Re: Longstanding networking / SMP issue? (duplextest)

David S. Miller (davem@redhat.com)
Sun, 23 Feb 2003 01:12:17 -0800 (PST)


From: Andi Kleen <ak@suse.de>
Date: Fri, 21 Feb 2003 11:45:41 +0100

at least ipip.c will send icmps from process context (ipip_tunnel_xmit)

netfilter will probably do too.

We can easily make them all run in BH (protected) context :-)

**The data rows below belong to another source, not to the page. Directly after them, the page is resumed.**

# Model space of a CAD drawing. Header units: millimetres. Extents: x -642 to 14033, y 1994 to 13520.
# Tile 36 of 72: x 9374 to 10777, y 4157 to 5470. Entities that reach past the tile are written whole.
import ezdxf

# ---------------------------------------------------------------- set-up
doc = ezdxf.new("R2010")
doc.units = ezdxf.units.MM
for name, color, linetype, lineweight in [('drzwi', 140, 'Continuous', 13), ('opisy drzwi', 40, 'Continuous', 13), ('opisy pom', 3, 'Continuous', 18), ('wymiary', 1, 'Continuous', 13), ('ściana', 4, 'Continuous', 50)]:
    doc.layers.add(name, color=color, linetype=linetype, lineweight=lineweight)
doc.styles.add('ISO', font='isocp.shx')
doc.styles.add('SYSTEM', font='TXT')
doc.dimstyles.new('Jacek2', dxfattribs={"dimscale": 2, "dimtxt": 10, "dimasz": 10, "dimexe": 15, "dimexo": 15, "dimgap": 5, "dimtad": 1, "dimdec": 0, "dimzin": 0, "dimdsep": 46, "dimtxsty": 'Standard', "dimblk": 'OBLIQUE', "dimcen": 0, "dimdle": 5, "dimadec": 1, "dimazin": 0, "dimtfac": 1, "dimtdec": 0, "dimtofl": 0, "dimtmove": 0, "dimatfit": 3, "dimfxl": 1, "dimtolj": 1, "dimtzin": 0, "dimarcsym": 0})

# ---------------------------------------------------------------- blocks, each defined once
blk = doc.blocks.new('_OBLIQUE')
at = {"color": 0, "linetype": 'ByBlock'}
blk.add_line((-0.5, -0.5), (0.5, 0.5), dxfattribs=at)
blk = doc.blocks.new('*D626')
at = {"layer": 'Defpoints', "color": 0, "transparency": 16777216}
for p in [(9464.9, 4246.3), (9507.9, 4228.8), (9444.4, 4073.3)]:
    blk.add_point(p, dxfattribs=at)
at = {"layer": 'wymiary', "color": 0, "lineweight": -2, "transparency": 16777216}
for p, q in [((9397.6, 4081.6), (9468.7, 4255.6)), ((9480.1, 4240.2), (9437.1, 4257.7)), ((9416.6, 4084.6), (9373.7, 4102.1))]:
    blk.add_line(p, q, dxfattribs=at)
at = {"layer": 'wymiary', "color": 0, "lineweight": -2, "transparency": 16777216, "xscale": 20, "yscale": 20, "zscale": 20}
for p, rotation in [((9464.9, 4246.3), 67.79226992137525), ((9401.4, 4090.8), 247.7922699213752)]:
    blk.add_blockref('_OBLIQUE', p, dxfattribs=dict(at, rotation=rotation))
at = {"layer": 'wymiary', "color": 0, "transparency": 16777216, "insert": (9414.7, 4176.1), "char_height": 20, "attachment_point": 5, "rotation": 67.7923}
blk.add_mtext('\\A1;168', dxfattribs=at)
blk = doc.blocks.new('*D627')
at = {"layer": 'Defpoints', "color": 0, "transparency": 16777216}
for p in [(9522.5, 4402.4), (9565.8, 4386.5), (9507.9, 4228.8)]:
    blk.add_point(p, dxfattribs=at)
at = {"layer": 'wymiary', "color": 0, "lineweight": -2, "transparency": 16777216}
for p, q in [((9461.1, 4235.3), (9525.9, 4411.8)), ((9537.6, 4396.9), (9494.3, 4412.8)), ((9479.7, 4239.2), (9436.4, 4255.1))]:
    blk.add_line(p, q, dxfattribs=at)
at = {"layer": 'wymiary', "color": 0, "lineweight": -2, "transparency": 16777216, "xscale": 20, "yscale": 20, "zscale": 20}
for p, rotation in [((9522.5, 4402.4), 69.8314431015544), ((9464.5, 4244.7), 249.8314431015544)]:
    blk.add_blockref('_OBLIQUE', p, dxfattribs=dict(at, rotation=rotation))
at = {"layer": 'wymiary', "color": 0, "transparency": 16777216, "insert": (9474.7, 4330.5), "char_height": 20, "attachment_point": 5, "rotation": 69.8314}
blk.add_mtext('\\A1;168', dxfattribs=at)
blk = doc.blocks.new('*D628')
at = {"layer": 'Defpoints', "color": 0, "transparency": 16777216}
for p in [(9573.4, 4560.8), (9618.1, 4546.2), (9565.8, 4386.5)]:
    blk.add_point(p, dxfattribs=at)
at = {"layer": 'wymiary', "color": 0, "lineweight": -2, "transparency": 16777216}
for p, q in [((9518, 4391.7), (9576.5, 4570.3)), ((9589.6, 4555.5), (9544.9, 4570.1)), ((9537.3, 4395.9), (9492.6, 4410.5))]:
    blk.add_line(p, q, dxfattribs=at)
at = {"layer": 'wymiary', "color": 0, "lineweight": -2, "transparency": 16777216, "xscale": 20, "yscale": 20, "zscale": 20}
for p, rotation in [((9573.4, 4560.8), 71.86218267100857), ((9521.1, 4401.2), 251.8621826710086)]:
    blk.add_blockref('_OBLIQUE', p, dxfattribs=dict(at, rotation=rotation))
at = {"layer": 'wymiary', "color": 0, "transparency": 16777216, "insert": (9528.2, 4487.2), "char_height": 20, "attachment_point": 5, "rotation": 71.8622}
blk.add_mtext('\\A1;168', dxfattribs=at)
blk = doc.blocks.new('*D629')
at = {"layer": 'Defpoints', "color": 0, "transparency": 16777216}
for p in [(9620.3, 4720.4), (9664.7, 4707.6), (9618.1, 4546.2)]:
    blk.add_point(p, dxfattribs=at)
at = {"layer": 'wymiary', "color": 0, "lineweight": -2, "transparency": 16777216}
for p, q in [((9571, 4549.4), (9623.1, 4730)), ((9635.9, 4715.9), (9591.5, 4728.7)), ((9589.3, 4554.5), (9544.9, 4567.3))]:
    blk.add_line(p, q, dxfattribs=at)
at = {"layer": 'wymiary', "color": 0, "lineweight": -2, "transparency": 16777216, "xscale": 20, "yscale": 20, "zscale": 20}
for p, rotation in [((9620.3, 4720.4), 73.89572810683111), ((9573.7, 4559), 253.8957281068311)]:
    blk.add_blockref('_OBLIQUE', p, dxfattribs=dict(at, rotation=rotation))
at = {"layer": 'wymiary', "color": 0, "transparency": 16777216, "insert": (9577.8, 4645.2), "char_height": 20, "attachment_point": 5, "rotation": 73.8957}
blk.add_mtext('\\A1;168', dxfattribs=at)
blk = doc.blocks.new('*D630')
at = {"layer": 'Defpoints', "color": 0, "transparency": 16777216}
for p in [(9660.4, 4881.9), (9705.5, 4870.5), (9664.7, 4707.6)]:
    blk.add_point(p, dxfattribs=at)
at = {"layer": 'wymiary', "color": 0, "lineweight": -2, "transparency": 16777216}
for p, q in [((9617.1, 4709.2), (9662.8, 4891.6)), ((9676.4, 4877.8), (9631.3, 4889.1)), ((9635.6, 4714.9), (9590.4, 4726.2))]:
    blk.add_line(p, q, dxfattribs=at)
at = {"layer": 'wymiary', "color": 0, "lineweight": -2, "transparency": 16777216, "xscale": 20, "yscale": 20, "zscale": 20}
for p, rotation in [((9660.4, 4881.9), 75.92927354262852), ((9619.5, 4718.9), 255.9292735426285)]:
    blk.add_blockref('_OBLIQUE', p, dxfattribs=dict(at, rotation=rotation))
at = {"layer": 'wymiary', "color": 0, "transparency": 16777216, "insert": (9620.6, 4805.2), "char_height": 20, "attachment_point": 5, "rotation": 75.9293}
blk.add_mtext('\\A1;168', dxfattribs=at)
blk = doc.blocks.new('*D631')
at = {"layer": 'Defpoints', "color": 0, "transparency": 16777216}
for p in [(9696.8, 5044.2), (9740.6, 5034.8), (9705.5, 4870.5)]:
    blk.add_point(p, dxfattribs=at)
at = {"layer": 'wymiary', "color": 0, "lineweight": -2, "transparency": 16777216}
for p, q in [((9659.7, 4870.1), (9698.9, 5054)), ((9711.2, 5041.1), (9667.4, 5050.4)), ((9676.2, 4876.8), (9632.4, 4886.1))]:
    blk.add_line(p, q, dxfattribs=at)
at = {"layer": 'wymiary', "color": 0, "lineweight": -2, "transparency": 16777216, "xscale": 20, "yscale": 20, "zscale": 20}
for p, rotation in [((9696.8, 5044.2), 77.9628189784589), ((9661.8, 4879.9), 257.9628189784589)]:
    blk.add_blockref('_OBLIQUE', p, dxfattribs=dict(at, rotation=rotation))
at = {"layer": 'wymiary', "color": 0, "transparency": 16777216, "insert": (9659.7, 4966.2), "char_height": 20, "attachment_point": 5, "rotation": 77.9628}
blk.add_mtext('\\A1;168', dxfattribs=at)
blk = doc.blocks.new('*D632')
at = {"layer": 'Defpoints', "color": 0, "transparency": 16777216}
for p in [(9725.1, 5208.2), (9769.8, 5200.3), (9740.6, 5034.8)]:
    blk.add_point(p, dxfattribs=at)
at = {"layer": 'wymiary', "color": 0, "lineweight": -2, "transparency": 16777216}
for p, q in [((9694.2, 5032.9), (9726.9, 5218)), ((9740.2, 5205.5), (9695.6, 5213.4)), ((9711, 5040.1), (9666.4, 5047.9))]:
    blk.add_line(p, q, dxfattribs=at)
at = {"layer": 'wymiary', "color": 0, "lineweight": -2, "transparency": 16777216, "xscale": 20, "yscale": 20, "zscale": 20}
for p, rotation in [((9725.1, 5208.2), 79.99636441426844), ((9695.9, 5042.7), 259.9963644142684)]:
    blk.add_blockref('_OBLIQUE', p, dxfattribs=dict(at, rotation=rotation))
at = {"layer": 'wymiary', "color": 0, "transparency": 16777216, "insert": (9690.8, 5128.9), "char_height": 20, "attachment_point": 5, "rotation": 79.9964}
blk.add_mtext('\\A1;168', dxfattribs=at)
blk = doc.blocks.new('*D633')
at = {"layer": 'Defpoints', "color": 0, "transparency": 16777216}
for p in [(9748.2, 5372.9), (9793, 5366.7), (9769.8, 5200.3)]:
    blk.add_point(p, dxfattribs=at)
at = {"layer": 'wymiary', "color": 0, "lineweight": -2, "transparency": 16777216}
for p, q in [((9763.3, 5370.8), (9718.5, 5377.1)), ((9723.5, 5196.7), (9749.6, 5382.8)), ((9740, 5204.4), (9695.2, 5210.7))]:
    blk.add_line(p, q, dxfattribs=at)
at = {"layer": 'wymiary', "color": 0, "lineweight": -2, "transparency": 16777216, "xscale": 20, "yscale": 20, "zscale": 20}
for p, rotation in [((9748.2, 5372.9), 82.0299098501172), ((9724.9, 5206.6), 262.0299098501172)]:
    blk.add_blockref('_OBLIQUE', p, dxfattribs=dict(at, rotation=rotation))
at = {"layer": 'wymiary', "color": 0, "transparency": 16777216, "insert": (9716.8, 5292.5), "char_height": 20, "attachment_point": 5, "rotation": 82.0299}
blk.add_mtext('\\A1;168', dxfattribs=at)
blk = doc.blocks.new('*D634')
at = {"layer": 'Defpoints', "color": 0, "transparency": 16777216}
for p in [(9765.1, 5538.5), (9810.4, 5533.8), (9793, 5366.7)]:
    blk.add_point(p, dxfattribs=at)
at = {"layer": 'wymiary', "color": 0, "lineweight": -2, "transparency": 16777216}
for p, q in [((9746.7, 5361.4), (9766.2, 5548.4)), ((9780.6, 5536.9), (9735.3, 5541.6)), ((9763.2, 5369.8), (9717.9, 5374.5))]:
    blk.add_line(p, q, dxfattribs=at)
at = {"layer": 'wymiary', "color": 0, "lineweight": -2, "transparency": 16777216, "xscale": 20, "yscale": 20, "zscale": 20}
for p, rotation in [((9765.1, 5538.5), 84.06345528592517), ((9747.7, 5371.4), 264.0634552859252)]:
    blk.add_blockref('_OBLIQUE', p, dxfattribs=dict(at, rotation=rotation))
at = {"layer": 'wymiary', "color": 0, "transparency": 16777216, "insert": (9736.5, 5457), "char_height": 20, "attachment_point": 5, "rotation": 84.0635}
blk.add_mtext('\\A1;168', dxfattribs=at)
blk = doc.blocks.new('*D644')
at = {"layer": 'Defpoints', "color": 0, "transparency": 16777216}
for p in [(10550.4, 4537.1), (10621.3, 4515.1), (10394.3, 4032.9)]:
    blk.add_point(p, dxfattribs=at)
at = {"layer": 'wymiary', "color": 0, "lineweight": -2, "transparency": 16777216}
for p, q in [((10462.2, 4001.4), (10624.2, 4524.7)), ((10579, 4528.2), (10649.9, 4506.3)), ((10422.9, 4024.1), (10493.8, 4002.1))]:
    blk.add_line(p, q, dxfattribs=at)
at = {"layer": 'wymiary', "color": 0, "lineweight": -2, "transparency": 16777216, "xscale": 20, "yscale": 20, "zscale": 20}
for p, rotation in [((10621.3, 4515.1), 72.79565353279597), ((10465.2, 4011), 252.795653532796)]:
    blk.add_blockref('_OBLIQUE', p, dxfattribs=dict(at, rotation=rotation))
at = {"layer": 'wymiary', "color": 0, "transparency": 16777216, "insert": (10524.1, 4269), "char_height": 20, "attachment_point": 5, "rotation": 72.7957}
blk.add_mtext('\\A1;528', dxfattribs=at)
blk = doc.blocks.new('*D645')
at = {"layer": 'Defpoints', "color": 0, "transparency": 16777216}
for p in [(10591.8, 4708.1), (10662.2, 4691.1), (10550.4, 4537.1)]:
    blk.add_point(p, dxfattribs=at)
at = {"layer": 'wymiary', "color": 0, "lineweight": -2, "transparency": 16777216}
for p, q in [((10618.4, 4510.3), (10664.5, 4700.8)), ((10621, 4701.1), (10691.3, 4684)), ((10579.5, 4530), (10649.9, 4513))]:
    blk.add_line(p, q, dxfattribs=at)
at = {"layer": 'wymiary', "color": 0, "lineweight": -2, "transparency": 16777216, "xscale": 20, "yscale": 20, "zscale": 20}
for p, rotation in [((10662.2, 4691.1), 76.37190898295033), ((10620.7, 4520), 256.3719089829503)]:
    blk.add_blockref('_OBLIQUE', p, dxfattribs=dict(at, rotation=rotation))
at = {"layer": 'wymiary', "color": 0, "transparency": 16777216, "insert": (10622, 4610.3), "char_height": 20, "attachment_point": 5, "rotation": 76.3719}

This makes the locking much simpler. Add to this the per-cpu socket
idea I proposed and we arrive at the patch below (against 2.5.x,
easily ported to 2.4.x just remove the cpu_possible() stuff).

Comments?

--- net/ipv4/icmp.c.~1~ Sat Feb 22 23:41:53 2003
+++ net/ipv4/icmp.c Sun Feb 23 01:25:43 2003
@@ -223,57 +223,29 @@
static struct icmp_control icmp_pointers[NR_ICMP_TYPES+1];

/*
- * The ICMP socket. This is the most convenient way to flow control
+ * The ICMP socket(s). This is the most convenient way to flow control
* our ICMP output as well as maintain a clean interface throughout
* all layers. All Socketless IP sends will soon be gone.
+ *
+ * On SMP we have one ICMP socket per-cpu.
*/
-struct socket *icmp_socket;
-
-/* ICMPv4 socket is only a bit non-reenterable (unlike ICMPv6,
- which is strongly non-reenterable). A bit later it will be made
- reenterable and the lock may be removed then.
- */
-
-static int icmp_xmit_holder = -1;
-
-static int icmp_xmit_lock_bh(void)
-{
- int rc;
- if (!spin_trylock(&icmp_socket->sk->lock.slock)) {
- rc = -EAGAIN;
- if (icmp_xmit_holder == smp_processor_id())
- goto out;
- spin_lock(&icmp_socket->sk->lock.slock);
- }
- rc = 0;
- icmp_xmit_holder = smp_processor_id();
-out:
- return rc;
-}
+static struct socket *__icmp_socket[NR_CPUS];
+#define icmp_socket __icmp_socket[smp_processor_id()]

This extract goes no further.